CSE 8803 EPI, Fall 2020
Data Science for Epidemiology


The devastating impact of the currently unfolding global COVID-19 pandemic and those of the Zika, SARS, MERS, and Ebola outbreaks over the past decade has sharply illustrated our enormous vulnerability to emerging infectious diseases. Examples of fundamental questions studied by epidemiologists and public officials during these epidemic outbreaks, include: (1) Where did the disease originate? (2) How does it spread, and how does it compare with earlier outbreaks? (3) Where has it spread so far? (4) How can the disease spread be controlled? (5) What are its impacts?

Data science and machine learning have an important role to play in this regard. Coupled with increasing data generation across multiple domains (like electronic medical records and social media), there is a clear need for analyzing them to inform public health policies and outcomes. Recent advances in disease surveillance and forecasting, and initiatives such as CDC forecasting projects have brought these disciplines closer --- public health practitioners seek to use novel datasets and techniques whereas researchers from data mining and machine learning develop novel tools for solving many crucial problems in the public health policy planning process.

Here is a one-page flyer for the course.

Epidemiology in the real world

Course Information

  • Instructor: Prof. B. Aditya Prakash. Please include CSE 8803 in the subject line of all email messages that you send me.
  • Class Time: Mondays and Wednesdays, 12:30pm-1:45pm, CCB 53
  • Discussion: Piazza link.
  • Grading and Policies: See here.

Textbooks and Resources

There is NO required textbook. We will post recommended reading here later.


  • Homework 1 is out. Please check Canvas. Due: 09/21.
  • Welcome to the class! First lecture on 08/17


Please see Canvas for all the HWs.


This course will cover foundations of computational+networked epidemiology and data science algorithms+systems in context of public health applications. The objective of the course is to introduce students to this emerging multi-disciplinary domain. The course will touch the following from an application viewpoint: (a) Foundations of modeling disease dynamics, (b) Calibration, Surveillance and Forecasting of disease spread (c) Detection, Reverse-engineering and Control, and (d) Additional topics such as Phylodynamics, Tracing and Data collection. From a methodology viewpoint the course will feature (i) Non-linear systems, (ii) Network algorithms, (iii) Stochastic Optimization, (iv) ML and neural models for spatio-temporal, graphs and social media data, (v) HPC simulations, and (vii) Visualization techniques.

For lecture slides and readings, go here. This is the first offering of the course, hence the schedule is tentative and subject to change.

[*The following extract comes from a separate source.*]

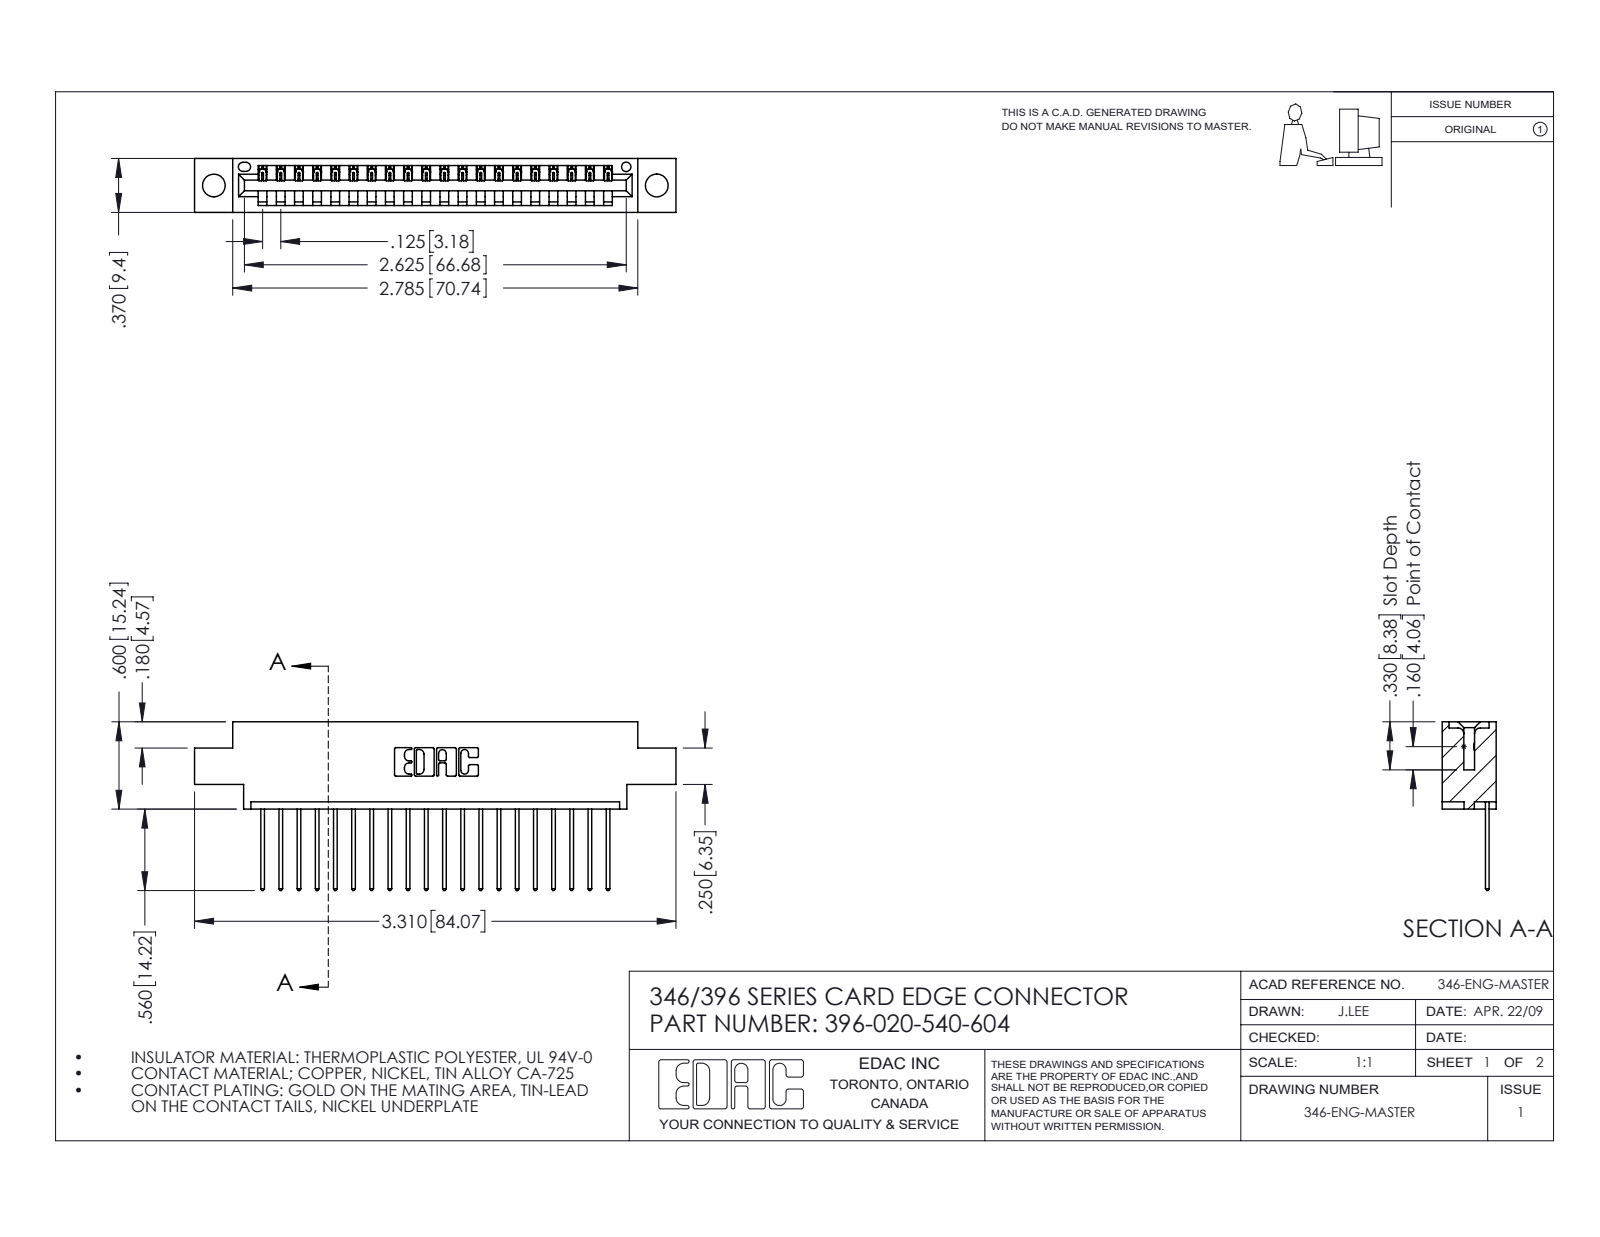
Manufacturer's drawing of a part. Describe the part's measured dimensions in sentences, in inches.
The part is named "346 Part_0.170 Offset - 0.156 Dia-TH; 396-020-540-604; 345-292-001_345-293-140". Its 3-D file was written by "SolidWorks 2016 (CONFIG_CONTROL_DESIGN)". It is 21 solids with 1286 faces: 880 planar, 406 cylindrical and 0 other. Overall it measures 3.31 by 1.16 by 0.37 inches. Its volume is 0.469 cubic inches and its surface area 14.76 square inches. Round holes: 2 of diameter 0.156, 1 of diameter 0.064. Partial cylindrical surfaces (rounded edges, fillets, slot ends): 40 of radius 0.006, 40 of radius 0.01, 22 of radius 0.01, 6 of radius 0.007, 6 of radius 0.031, 3 of radius 0.026, 2 of radius 0.031, 2 of radius 0.04. The main face-to-face distances are 0.048, 0.322, 0.37, 0.25, 0.072, 0.298, 0.025, 0.148, 0.222, 0.1. The hole center spacings are 0.246, 2.837, 3.045.

Background and Pre-requisites

This is a graduate course and will be highly multi-disciplinary, and all the topics will span multiple areas. Students should have background in at least one of the following areas: data analytics, network science, algorithms, parallel computation, mathematical modeling, statistics and optimization. Students will be encouraged to work in teams with complementary expertise, allowing them to explore new areas. Programming proficiency in at least one of Matlab, R, Python, C++, Java needed. Students will be expected to participate in class discussion, submit assigned HWs and work on a project. Problems and datasets related to recent outbreaks will be used in some of the course topics and projects. There will also be a focus on problems of intense current interest for combatting COVID-19.